SOURCE DATA:
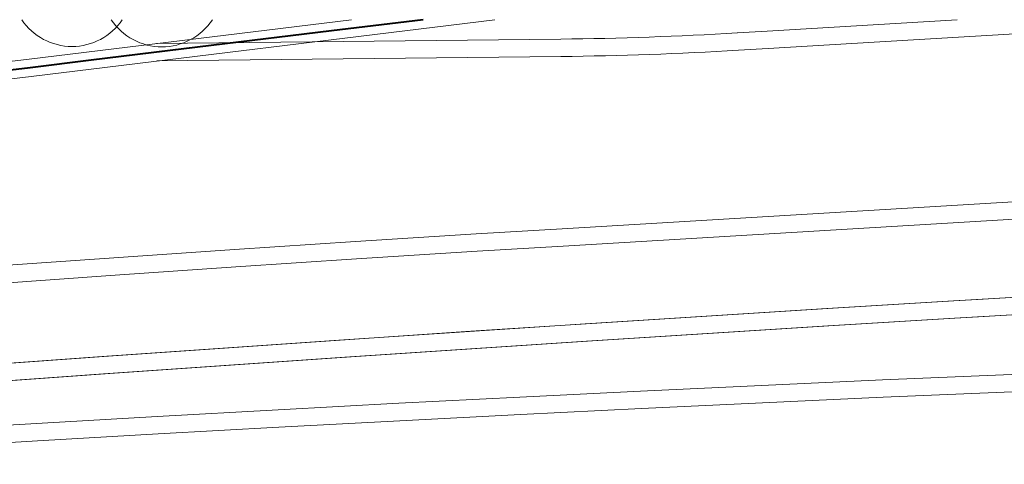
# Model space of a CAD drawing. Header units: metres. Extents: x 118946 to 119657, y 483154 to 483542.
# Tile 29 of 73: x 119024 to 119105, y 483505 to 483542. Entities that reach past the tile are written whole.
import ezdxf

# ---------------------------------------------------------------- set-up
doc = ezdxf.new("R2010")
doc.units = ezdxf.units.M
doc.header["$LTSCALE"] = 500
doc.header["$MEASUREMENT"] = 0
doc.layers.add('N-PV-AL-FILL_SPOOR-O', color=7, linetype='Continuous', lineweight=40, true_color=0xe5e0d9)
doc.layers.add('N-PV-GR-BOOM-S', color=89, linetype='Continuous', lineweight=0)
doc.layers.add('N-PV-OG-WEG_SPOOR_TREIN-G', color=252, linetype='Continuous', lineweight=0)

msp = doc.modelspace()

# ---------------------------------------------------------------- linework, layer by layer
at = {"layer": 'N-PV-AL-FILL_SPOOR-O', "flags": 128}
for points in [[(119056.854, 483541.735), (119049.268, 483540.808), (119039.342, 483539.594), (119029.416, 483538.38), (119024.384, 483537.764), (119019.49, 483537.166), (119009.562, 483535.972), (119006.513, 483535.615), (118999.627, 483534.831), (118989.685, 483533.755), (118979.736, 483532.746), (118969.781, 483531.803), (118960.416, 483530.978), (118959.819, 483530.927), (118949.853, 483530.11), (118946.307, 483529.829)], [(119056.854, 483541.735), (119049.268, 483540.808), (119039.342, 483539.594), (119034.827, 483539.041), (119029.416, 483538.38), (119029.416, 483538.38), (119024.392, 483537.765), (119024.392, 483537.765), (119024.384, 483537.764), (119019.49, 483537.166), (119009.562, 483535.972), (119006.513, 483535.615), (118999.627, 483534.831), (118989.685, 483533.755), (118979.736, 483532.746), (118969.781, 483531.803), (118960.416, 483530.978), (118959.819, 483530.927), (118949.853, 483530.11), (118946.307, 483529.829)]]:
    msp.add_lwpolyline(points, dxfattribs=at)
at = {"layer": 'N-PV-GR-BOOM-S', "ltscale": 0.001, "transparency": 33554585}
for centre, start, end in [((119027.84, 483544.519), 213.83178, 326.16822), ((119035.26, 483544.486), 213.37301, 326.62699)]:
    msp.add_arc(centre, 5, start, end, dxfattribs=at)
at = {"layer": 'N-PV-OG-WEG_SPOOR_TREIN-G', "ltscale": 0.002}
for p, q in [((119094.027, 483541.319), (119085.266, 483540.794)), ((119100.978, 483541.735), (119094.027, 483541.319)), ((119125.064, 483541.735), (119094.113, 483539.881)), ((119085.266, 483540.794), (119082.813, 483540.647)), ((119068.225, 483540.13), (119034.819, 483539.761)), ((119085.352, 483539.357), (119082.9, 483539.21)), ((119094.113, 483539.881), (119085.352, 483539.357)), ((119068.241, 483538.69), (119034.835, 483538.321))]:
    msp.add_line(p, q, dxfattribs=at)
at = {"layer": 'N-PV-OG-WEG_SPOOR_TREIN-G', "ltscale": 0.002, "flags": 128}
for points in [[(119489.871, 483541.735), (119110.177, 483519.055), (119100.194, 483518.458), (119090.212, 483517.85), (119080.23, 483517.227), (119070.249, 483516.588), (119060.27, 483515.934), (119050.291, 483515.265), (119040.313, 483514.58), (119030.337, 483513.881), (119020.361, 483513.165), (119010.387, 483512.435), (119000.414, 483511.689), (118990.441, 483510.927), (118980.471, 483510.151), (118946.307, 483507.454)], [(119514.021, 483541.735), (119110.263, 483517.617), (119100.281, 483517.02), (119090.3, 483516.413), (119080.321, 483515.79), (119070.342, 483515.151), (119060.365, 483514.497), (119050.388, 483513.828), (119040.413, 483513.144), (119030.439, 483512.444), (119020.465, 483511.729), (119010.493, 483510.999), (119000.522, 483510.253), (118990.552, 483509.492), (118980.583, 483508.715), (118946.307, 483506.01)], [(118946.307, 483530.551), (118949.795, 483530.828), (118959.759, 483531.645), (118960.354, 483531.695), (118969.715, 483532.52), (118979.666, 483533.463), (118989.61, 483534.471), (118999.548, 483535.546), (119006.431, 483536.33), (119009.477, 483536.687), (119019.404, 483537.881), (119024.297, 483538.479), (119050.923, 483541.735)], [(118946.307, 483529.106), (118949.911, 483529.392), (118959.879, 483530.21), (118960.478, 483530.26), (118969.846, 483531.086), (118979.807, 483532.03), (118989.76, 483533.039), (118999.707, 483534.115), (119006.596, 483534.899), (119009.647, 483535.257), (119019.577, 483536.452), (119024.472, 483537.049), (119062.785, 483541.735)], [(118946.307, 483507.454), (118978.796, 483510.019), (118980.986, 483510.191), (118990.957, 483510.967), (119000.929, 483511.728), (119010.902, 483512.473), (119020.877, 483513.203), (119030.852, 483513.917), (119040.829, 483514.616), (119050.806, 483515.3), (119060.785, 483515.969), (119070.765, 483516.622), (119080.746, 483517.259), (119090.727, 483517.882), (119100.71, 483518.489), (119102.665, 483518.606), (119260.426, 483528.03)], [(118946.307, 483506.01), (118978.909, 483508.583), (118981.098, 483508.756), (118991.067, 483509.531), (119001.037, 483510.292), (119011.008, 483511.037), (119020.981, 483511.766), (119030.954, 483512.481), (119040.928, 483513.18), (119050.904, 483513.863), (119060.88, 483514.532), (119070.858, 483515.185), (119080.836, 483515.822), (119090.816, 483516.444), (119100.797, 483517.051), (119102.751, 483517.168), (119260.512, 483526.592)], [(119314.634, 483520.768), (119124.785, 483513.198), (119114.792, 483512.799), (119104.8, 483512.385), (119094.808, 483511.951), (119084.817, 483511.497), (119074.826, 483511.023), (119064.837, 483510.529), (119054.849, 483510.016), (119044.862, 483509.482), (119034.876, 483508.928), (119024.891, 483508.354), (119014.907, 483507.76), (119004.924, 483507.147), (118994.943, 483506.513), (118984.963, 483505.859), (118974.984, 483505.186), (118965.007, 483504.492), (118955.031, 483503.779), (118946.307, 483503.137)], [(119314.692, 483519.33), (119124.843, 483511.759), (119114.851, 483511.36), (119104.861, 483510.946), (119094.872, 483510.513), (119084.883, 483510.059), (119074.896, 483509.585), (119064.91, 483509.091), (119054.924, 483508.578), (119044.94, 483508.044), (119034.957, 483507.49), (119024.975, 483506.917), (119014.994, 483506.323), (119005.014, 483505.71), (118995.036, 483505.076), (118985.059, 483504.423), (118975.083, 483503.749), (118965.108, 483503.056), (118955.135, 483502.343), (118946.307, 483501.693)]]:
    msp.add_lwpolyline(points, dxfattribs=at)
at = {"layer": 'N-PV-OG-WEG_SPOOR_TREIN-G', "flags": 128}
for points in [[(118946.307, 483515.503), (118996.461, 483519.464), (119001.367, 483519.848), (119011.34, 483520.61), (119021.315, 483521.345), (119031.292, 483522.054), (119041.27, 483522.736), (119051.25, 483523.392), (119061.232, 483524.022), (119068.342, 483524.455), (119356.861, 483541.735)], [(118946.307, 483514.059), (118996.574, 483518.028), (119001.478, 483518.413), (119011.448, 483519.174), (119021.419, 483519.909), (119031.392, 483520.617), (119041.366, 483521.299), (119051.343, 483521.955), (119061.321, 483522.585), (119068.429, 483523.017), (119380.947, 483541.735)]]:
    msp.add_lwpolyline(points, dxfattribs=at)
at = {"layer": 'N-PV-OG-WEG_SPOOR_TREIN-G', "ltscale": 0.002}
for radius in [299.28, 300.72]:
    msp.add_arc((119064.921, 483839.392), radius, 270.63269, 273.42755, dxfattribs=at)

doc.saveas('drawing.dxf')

PROBLEM STATEMENT: Look through the records for the string "Continuous". Copy every line that has it.

YOUR SOLUTION:
doc.layers.add('N-PV-AL-FILL_SPOOR-O', color=7, linetype='Continuous', lineweight=40, true_color=0xe5e0d9)
doc.layers.add('N-PV-GR-BOOM-S', color=89, linetype='Continuous', lineweight=0)
doc.layers.add('N-PV-OG-WEG_SPOOR_TREIN-G', color=252, linetype='Continuous', lineweight=0)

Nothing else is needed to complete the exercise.